US Secretary of State Condoleezza Rice has held talks with Arab foreign ministers in Egypt in a new effort to restart the Middle East peace process.
Dr Rice held talks with Arab foreign ministers in Aswan
She urged Egypt, Saudi Arabia, Jordan and the United Arab Emirates to take steps to improve relations with Israel.
Washington hopes broader Arab-Israeli reconciliation could help foster an Israeli-Palestinian peace process.
Dr Rice will meet Egyptian President Hosni Mubarak on Sunday before continuing to Ramallah and Jerusalem.
She will hold talks with Palestinian leader Mahmoud Abbas and then Israel's Ehud Olmert before flying to Jordan for a meeting with King Abdullah.
The BBC's State Department correspondent Jonathan Beale, who is travelling with the US Secretary of State, said there was no sense that the meeting in Aswan had come up with any solutions to break the Middle East deadlock.
Dr Rice's mission comes as a top US diplomat warned that strife in Iraq could be a danger to the whole Middle East.
The outgoing US ambassador in Baghdad, Zalmay Khalilzad, said a sectarian divide was developing across the Middle East because of the bloodshed between Sunni and Shia Arabs in Iraq.
"It's in everyone's interest...to come together to contain and reverse that tendency towards polarisation along sectarian lines.

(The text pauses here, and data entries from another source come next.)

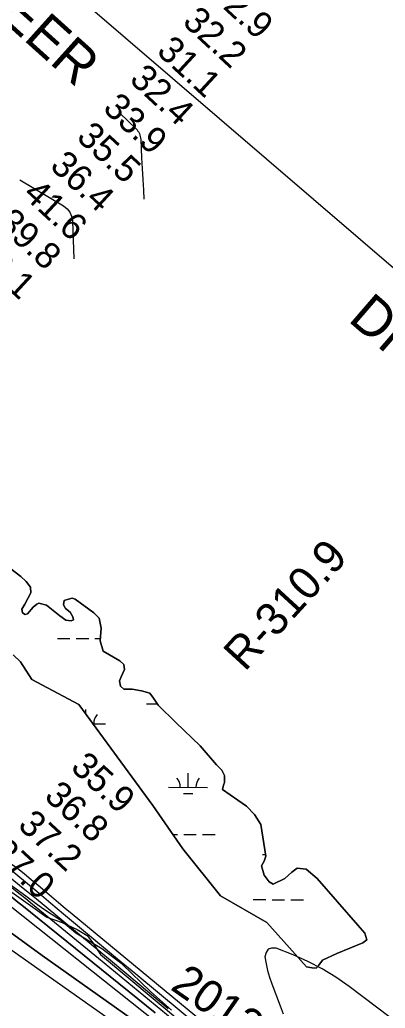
# Model space of a CAD drawing. Extents: x 3180038 to 3217926, y 922069 to 947485.
# Drawn here: x 3206766 to 3207700, y 936507 to 939030 of the extents above; entities that cross this region are included whole.
import ezdxf

# ---------------------------------------------------------------- set-up
doc = ezdxf.new("R2010")
doc.units = 0
for name, color, linetype in [('V-RIVR-EDGE', 7, 'Continuous'), ('V-RIVR-IDEN', 7, 'Continuous'), ('V-RIVR-RANG', 7, 'Continuous'), ('V-RIVR-RANG-IDEN', 7, 'Continuous'), ('V-SITE-VEGE', 7, 'Continuous'), ('V-TOPO-BNDY', 7, 'Continuous'), ('V-TOPO-DPTH', 7, 'Continuous'), ('V-TOPO-GNAM-IDEN', 7, 'Continuous'), ('V-TOPO-MAJR', 7, 'Continuous'), ('V-TOPO-MINR', 7, 'Continuous'), ('V-TOPO-SHOR', 7, 'Continuous'), ('V-TOPO-WATR', 7, 'Continuous'), ('V-WETL-SWMP', 7, 'Continuous')]:
    doc.layers.add(name, color=color, linetype=linetype)

msp = doc.modelspace()

# ---------------------------------------------------------------- linework, layer by layer
at = {"layer": 'V-RIVR-EDGE'}
msp.add_lwpolyline([(3207153.5, 936502.5), (3207100.2, 936549.6), (3207027.7, 936619.4), (3206975.7, 936658.6), (3206909.7, 936698.8), (3206871.5, 936731.4), (3206824.7, 936761.6), (3206784.7, 936790.3), (3206639.4, 936896.3)], dxfattribs=at)
at = {"layer": 'V-SITE-VEGE'}
for points in [[(3206969.1, 937503), (3206955.5, 937516.2), (3206908, 937550.9), (3206900.4, 937554), (3206890.9, 937551.3), (3206879.3, 937547.4), (3206877.6, 937536.6), (3206882.7, 937527.8), (3206894.9, 937517.8), (3206901.4, 937506.4), (3206903.1, 937498.2), (3206897.5, 937495.7), (3206884, 937497.8), (3206868.2, 937508.4), (3206834.1, 937535.5), (3206815, 937541), (3206809.6, 937538.8), (3206800.6, 937530.6), (3206786.1, 937513.8), (3206780.3, 937512.2), (3206773.6, 937516.7), (3206771.7, 937526.1), (3206779.2, 937538.5), (3206794.7, 937567.3), (3206793.6, 937581.6), (3206782.4, 937596.2), (3206768.7, 937609.4), (3206702.4, 937659.4)], [(3206749.6, 937409.5), (3206768, 937391.6), (3206797.4, 937345.8), (3206917.5, 937282.3), (3207105.9, 937025), (3207183.2, 936914.2), (3207279.2, 936793.9), (3207397.1, 936725.8), (3207498.7, 936612.8), (3207513.7, 936610.1), (3207523.9, 936609.4), (3207530.8, 936616.9), (3207539.8, 936629.9), (3207576, 936646.7), (3207642.9, 936673.8), (3207652.9, 936681.8), (3207647.9, 936698.9), (3207630.4, 936718.8), (3207526.4, 936838.6), (3207498.2, 936862.1), (3207475.4, 936864.8), (3207461.3, 936854.5), (3207443.1, 936838.5), (3207413.3, 936824.2), (3207403.2, 936829.7), (3207390.4, 936846.7), (3207384.2, 936870.6), (3207390.6, 936882.5), (3207394.7, 936895), (3207381.8, 936976), (3207365.9, 937001.7), (3207345.7, 937022.7), (3207323.2, 937037.9), (3207284.2, 937065.3), (3207289, 937083.7), (3207289.1, 937101.2), (3207282.5, 937114.7), (3207269.2, 937128.1), (3207227.3, 937176.6), (3207165.2, 937236.7), (3207119.5, 937280.5), (3207108.1, 937298.8), (3207098.2, 937310.9), (3207077.5, 937317.6), (3207053.8, 937321.2), (3207032.4, 937321.8), (3207023.7, 937329.4), (3207020.8, 937342.5), (3207025.1, 937353.2), (3207034.1, 937371.5), (3207032.1, 937384.6), (3207021.7, 937393.6), (3206979.7, 937418.8), (3206971.4, 937445.1), (3206973.8, 937476.8), (3206969.1, 937503)], [(3206659.1, 936864.5), (3206835.6, 936739.8), (3206874.3, 936725.6), (3206912.7, 936708.4), (3206938.2, 936692.6), (3206952.5, 936673.9), (3206972.1, 936643.9), (3207179.3, 936471.5)]]:
    msp.add_lwpolyline(points, dxfattribs=at)
at = {"layer": 'V-TOPO-BNDY'}
msp.add_line((3205592, 940222.2), (3209853.3, 936570.5), dxfattribs=at)
at = {"layer": 'V-TOPO-DPTH'}
for points in [[(3207145.7, 936505.9), (3207071.7, 936567.4), (3206997.7, 936628.9), (3206923.6, 936690.3), (3206823.3, 936773.4), (3206799.3, 936793.2), (3206775.3, 936812.9), (3206751.2, 936832.6), (3206727.1, 936852.2), (3205895.2, 937354.3), (3205869.3, 937374.5), (3205843.2, 937394.5), (3205817, 937414.4), (3205047, 937943.4)], [(3205048.1, 937890.3), (3205794.8, 937394.6), (3205808.9, 937383.7), (3205823, 937372.6), (3205837, 937361.5), (3206730.5, 936802.8), (3206740.9, 936794.7), (3206751.2, 936786.5), (3206761.4, 936778.3), (3206771.7, 936770.1), (3207111.9, 936495.5)], [(3205048.1, 937890.3), (3205794.8, 937394.6), (3205808.9, 937383.7), (3205823, 937372.6), (3205837, 937361.5), (3206730.5, 936802.8), (3206740.9, 936794.7), (3206751.2, 936786.5), (3206761.4, 936778.3), (3206771.7, 936770.1), (3207111.9, 936495.5)], [(3205052.1, 937845.5), (3205802.4, 937359.3), (3205807.2, 937355.4), (3205811.9, 937351.5), (3205816.6, 937347.6), (3206656.6, 936757.6), (3206678.4, 936744.1), (3206699.9, 936730.3), (3206721.1, 936715.9), (3206742, 936701.1), (3206823.2, 936642), (3207197.4, 936377)], [(3207197.4, 936377), (3206823.2, 936642), (3206742, 936701.1), (3206721.1, 936715.9), (3206699.9, 936730.3), (3206678.4, 936744.1), (3206656.6, 936757.6), (3205816.6, 937347.6), (3205811.9, 937351.5), (3205807.2, 937355.4), (3205802.4, 937359.3), (3205052.1, 937845.5)]]:
    msp.add_lwpolyline(points, dxfattribs=at)
at = {"layer": 'V-TOPO-MAJR'}
msp.add_lwpolyline([(3206766.4, 938621.2), (3206878.1, 938554.7), (3206887.1, 938547.2), (3206894.1, 938538.7), (3206898.3, 938528.4), (3206900.6, 938516.9), (3206904.2, 938419.9)], dxfattribs=at)
at = {"layer": 'V-TOPO-MINR'}
for points in [[(3207021.8, 938792), (3207063.3, 938751.9), (3207065.9, 938749), (3207068.2, 938746), (3207070.1, 938742.8), (3207071.8, 938739.3), (3207073.1, 938735.7), (3207074.2, 938732), (3207074.8, 938728.3), (3207075.2, 938724.5), (3207077.4, 938677.4), (3207078.7, 938650), (3207080.3, 938622.6), (3207082, 938595.3), (3207083.5, 938572.1)], [(3207610.7, 936160.8), (3206900, 936747.4), (3206882.5, 936761.9), (3206865.1, 936776.5), (3206847.7, 936791.1), (3206830.3, 936805.8), (3206813, 936820.5), (3206795.6, 936835.1), (3206778.1, 936849.7), (3206760.6, 936864.2), (3205263.7, 937867.1), (3205219.9, 937898.5), (3205176.1, 937929.9), (3205143.6, 937953.2), (3205116, 937972.9), (3205088.3, 937992.5), (3205060.6, 938012)], [(3207587, 936159.1), (3207062.4, 936593.7), (3207016.2, 936632.1), (3206970.1, 936670.5), (3206924, 936708.9), (3206878, 936747.5), (3206845.6, 936774.6), (3206815.8, 936799.6), (3206785.8, 936824.5), (3206755.8, 936849.2), (3206725.8, 936873.9), (3205945.9, 937342.3), (3205937.3, 937347.5), (3205928.8, 937353), (3205920.5, 937358.7), (3205912.4, 937364.7), (3205892, 937380.3), (3205873.8, 937394.1), (3205855.5, 937407.9), (3205837.2, 937421.7), (3205818.8, 937435.3), (3205103.4, 937949.7), (3205086.7, 937961.1), (3205069.9, 937972.4)], [(3207145.7, 936505.9), (3207071.7, 936567.4), (3206997.7, 936628.9), (3206923.6, 936690.3), (3206823.3, 936773.4), (3206799.3, 936793.2), (3206775.3, 936812.9), (3206751.2, 936832.6), (3206727.1, 936852.2), (3205895.2, 937354.3), (3205869.3, 937374.5), (3205843.2, 937394.5), (3205817, 937414.4), (3205047, 937943.4)], [(3207170.3, 936467.1), (3207068.9, 936550.6), (3206967.3, 936634), (3206798.7, 936771.9), (3206781.3, 936786.2), (3206763.8, 936800.3), (3206746.2, 936814.5), (3206728.7, 936828.5), (3205871.6, 937352.1), (3205852.1, 937367.5), (3205832.5, 937382.9), (3205812.7, 937398.1), (3205792.9, 937413.2), (3205132.2, 937856.9), (3205113.3, 937869.2), (3205094.7, 937881.8), (3205045.5, 937916)], [(3207256.9, 936358.2), (3206741.8, 936767.9), (3206739.6, 936769.7), (3206737.3, 936771.4), (3206735.1, 936773.2), (3206732.8, 936775), (3206717.9, 936786.5), (3206714.4, 936789.2), (3206710.8, 936791.8), (3206707.1, 936794.3), (3206703.4, 936796.7), (3206699.6, 936799), (3206695.7, 936801.2), (3206691.8, 936803.3), (3206687.8, 936805.3), (3205823.7, 937356.2), (3205814.6, 937363.5), (3205805.5, 937370.8), (3205796.3, 937378), (3205050.3, 937867)], [(3207525, 936104.6), (3206687.1, 936695.1), (3206681.3, 936699.6), (3206675.5, 936703.8), (3206669.6, 936708), (3206663.6, 936711.9), (3206632.3, 936732), (3206628.3, 936734), (3205802.5, 937346.7), (3205798.6, 937349.8), (3205786.7, 937359.4), (3205783.5, 937361.8), (3205780.3, 937364.1), (3205777, 937366.1), (3205773.6, 937368.1), (3205770.1, 937370), (3205029.6, 937843.4)], [(3207197.4, 936377), (3206823.2, 936642), (3206742, 936701.1), (3206721.1, 936715.9), (3206699.9, 936730.3), (3206678.4, 936744.1), (3206656.6, 936757.6), (3205816.6, 937347.6), (3205811.9, 937351.5), (3205807.2, 937355.4), (3205802.4, 937359.3), (3205052.1, 937845.5)], [(3207814.3, 936407), (3207607.6, 936563), (3207573.7, 936586.4), (3207538.8, 936607.9), (3207502.3, 936626.6), (3207464.8, 936643.3), (3207421.3, 936660.6), (3207409.7, 936660.8), (3207400.7, 936657.7), (3207395.5, 936649.7), (3207392.8, 936638.4), (3207395.8, 936620.7), (3207399.6, 936603.3)], [(3207399.6, 936603.3), (3207404.5, 936586.1), (3207410.3, 936569.2), (3207431.4, 936513), (3207439.3, 936493.2)]]:
    msp.add_lwpolyline(points, dxfattribs=at)
at = {"layer": 'V-TOPO-SHOR'}
msp.add_lwpolyline([(3206749.6, 937409.5), (3206768, 937391.6), (3206797.4, 937345.8), (3206917.5, 937282.3), (3207105.9, 937025), (3207183.2, 936914.2), (3207279.2, 936793.9), (3207397.1, 936725.8), (3207498.7, 936612.8), (3207513.7, 936610.1), (3207523.9, 936609.4), (3207530.8, 936616.9), (3207539.8, 936629.9), (3207576, 936646.7), (3207642.9, 936673.8), (3207652.9, 936681.8), (3207647.9, 936698.9), (3207630.4, 936718.8), (3207526.4, 936838.6), (3207498.2, 936862.1), (3207475.4, 936864.8), (3207461.3, 936854.5), (3207443.1, 936838.5), (3207413.3, 936824.2), (3207403.2, 936829.7), (3207390.4, 936846.7), (3207384.2, 936870.6), (3207390.6, 936882.5), (3207394.7, 936895), (3207381.8, 936976), (3207365.9, 937001.7), (3207345.7, 937022.7), (3207323.2, 937037.9), (3207284.2, 937065.3), (3207287.1, 937076.1), (3207289, 937083.7), (3207289.1, 937101.2), (3207282.5, 937114.7), (3207269.2, 937128.1), (3207227.3, 937176.6), (3207165.2, 937236.7), (3207119.5, 937280.5), (3207108.1, 937298.8), (3207098.2, 937310.9), (3207077.5, 937317.6), (3207053.8, 937321.2), (3207032.4, 937321.8), (3207023.7, 937329.4), (3207020.8, 937342.5), (3207025.1, 937353.2), (3207034.1, 937371.5), (3207032.1, 937384.6), (3207021.7, 937393.6), (3206979.7, 937418.8), (3206971.4, 937445.1), (3206973.8, 937476.8), (3206969.1, 937503), (3206955.5, 937516.2), (3206908, 937550.9), (3206900.4, 937554), (3206890.9, 937551.3), (3206879.3, 937547.4), (3206877.6, 937536.6), (3206882.7, 937527.8), (3206894.9, 937517.8), (3206901.4, 937506.4), (3206903.1, 937498.2), (3206897.5, 937495.7), (3206884, 937497.8), (3206868.2, 937508.4), (3206834.1, 937535.5), (3206815, 937541), (3206809.6, 937538.8), (3206800.6, 937530.6), (3206786.1, 937513.8), (3206780.3, 937512.2), (3206773.6, 937516.7), (3206771.7, 937526.1), (3206779.2, 937538.5), (3206794.7, 937567.3), (3206793.6, 937581.6), (3206782.4, 937596.2), (3206768.7, 937609.4), (3206702.4, 937659.4)], dxfattribs=at)
at = {"layer": 'V-TOPO-WATR'}
msp.add_lwpolyline([(3207111.9, 936495.5), (3206771.7, 936770.1), (3206761.4, 936778.3), (3206751.2, 936786.5), (3206740.9, 936794.7), (3206730.5, 936802.8), (3205837, 937361.5), (3205823, 937372.6), (3205808.9, 937383.7), (3205794.8, 937394.6), (3205048.1, 937890.3)], dxfattribs=at)
at = {"layer": 'V-WETL-SWMP'}
for p, q in [((3206862.3, 937450.8), (3206894.3, 937450.8)), ((3206910.3, 937450.7), (3206942.3, 937450.7)), ((3206958.3, 937450.6), (3206971.8, 937450.6)), ((3207090, 937283.8), (3207117.5, 937283.8)), ((3206935.3, 937257.9), (3206935.3, 937269.4)), ((3206953.3, 937233.4), (3206985.3, 937233.3)), ((3207196.3, 937071), (3207196.4, 937107)), ((3207146.3, 937071.1), (3207246.3, 937070.9)), ((3207184.3, 937055.6), (3207208.3, 937055.5)), ((3207157.6, 936951), (3207169.2, 936951)), ((3207185.2, 936950.9), (3207217.2, 936950.9)), ((3207233.2, 936950.8), (3207265.2, 936950.8)), ((3207386.4, 936899.7), (3207394, 936899.7)), ((3207362.8, 936784.4), (3207394.8, 936784.3)), ((3207410.8, 936784.2), (3207442.8, 936784.2)), ((3207458.8, 936784.1), (3207490.8, 936784.1))]:
    msp.add_line(p, q, dxfattribs=at)
msp.add_lwpolyline([(3206702.4, 937659.4), (3206768.7, 937609.4), (3206782.4, 937596.2), (3206793.6, 937581.6), (3206794.7, 937567.3), (3206779.2, 937538.5), (3206771.7, 937526.1), (3206773.6, 937516.7), (3206780.3, 937512.2), (3206786.1, 937513.8), (3206800.6, 937530.6), (3206809.6, 937538.8), (3206815, 937541), (3206834.1, 937535.5), (3206868.2, 937508.4), (3206884, 937497.8), (3206897.5, 937495.7), (3206903.1, 937498.2), (3206901.4, 937506.4), (3206894.9, 937517.8), (3206882.7, 937527.8), (3206877.6, 937536.6), (3206879.3, 937547.4), (3206890.9, 937551.3), (3206900.4, 937554), (3206908, 937550.9), (3206955.5, 937516.2), (3206969.1, 937503), (3206973.8, 937476.8), (3206971.4, 937445.1), (3206979.7, 937418.8), (3207021.7, 937393.6), (3207032.1, 937384.6), (3207034.1, 937371.5), (3207025.1, 937353.2), (3207020.8, 937342.5), (3207023.7, 937329.4), (3207032.4, 937321.8), (3207053.8, 937321.2), (3207077.5, 937317.6), (3207098.2, 937310.9), (3207108.1, 937298.8), (3207119.5, 937280.5), (3207165.2, 937236.7), (3207227.3, 937176.6), (3207269.2, 937128.1), (3207282.5, 937114.7), (3207289.1, 937101.2), (3207289, 937083.7), (3207287.1, 937076.1), (3207284.2, 937065.3), (3207323.2, 937037.9), (3207345.7, 937022.7), (3207365.9, 937001.7), (3207381.8, 936976), (3207394.7, 936895), (3207390.6, 936882.5), (3207384.2, 936870.6), (3207390.4, 936846.7), (3207403.2, 936829.7), (3207413.3, 936824.2), (3207443.1, 936838.5), (3207461.3, 936854.5), (3207475.4, 936864.8), (3207498.2, 936862.1), (3207526.4, 936838.6), (3207630.4, 936718.8), (3207647.9, 936698.9), (3207652.9, 936681.8), (3207642.9, 936673.8), (3207576, 936646.7), (3207539.8, 936629.9), (3207530.8, 936616.9), (3207523.9, 936609.4), (3207513.7, 936610.1), (3207498.7, 936612.8), (3207397.1, 936725.8), (3207279.2, 936793.9), (3207183.2, 936914.2), (3207105.9, 937025), (3206917.5, 937282.3), (3206797.4, 937345.8), (3206768, 937391.6), (3206749.6, 937409.5)], dxfattribs=at)
for centre, start, end in [((3206990.5, 937233.8), 139.099, 180.6427), ((3207141.1, 937071.6), 359.099, 40.6427), ((3207251.6, 937071.3), 139.099, 180.6427)]:
    msp.add_arc(centre, 35.2, start, end, dxfattribs=at)

# ---------------------------------------------------------------- texts
at = {"layer": 'V-RIVR-IDEN'}
msp.add_text('2012', height=83, rotation=325.0666, dxfattribs=at).set_placement((3207148.3, 936556.9))
at = {"layer": 'V-RIVR-RANG'}
for s, rotation, p in [('32.9', 317.2183, (3207246.8, 939094.7)), ('32.2', 317.2183, (3207179.2, 939020.9)), ('31.1', 317.2183, (3207113.2, 938945.8)), ('32.4', 317.2183, (3207043.7, 938873.8)), ('33.9', 317.2183, (3206975.8, 938800.4)), ('35.5', 317.2183, (3206908.3, 938726.7)), ('36.4', 317.2183, (3206840.5, 938653.1)), ('41.6', 317.2183, (3206771.4, 938580.8)), ('39.8', 317.2183, (3206705.1, 938506)), ('42.1', 317.2183, (3206639.1, 938430.8)), ('35.9', 317.3983, (3206893.3, 937118.2)), ('36.8', 317.3983, (3206825.9, 937044.2)), ('37.2', 317.3983, (3206758.4, 936970.5)), ('37.0', 317.3983, (3206688.8, 936898.7))]:
    msp.add_text(s, height=67, rotation=rotation, dxfattribs=at).set_placement(p)
at = {"layer": 'V-RIVR-RANG-IDEN'}
msp.add_text('R-310.9', height=83, rotation=47.54, dxfattribs=at).set_placement((3207341.3, 937364.3))
at = {"layer": 'V-TOPO-GNAM-IDEN'}
for s, rotation, p in [('ENGINEER', 318.0287, (3206392.2, 939322.9)), ('DISTRICT', 319.1937, (3207602.4, 938262.7))]:
    msp.add_text(s, height=100, rotation=rotation, dxfattribs=at).set_placement(p)

doc.saveas('drawing.dxf')

This could destabilise the entire region," Mr Khalilzad told the BBC.
The US is keen for Arab states, who meet at a summit in Saudi Arabia on 28 March, to revive a 2002 Saudi initiative to resolve the Arab-Israeli problem.
The plan offers Israel normalisation of ties with Arab states if it pulls out of all Arab land it occupied in 1967.
Israel rejected the plan outright after it was first proposed at an Arab summit in Beirut in 2002 but Mr Olmert is now giving it a guarded welcome.
Ms Rice's trip is her seventh to the region in eight months and so far she has little to show for her efforts, our correspondent says.
Washington has not recognised the Palestinian unity government and refuses to deal with those ministers who are members of the Islamic group Hamas, which regards as a terrorist group.
However, Ms Rice and her officials are continuing to talk to Mr Abbas and other moderates.
Ms Rice will be aiming to focus minds on what she calls the political horizon of creating a peaceful Palestinian state.
The unity government was formed after Hamas - which has dominated the Palestinian cabinet since elections in January 2006 - agreed to share power with Mr Abbas's moderate Fatah faction.
The deal followed several months of fighting between the two groups, which left more than 140 people dead.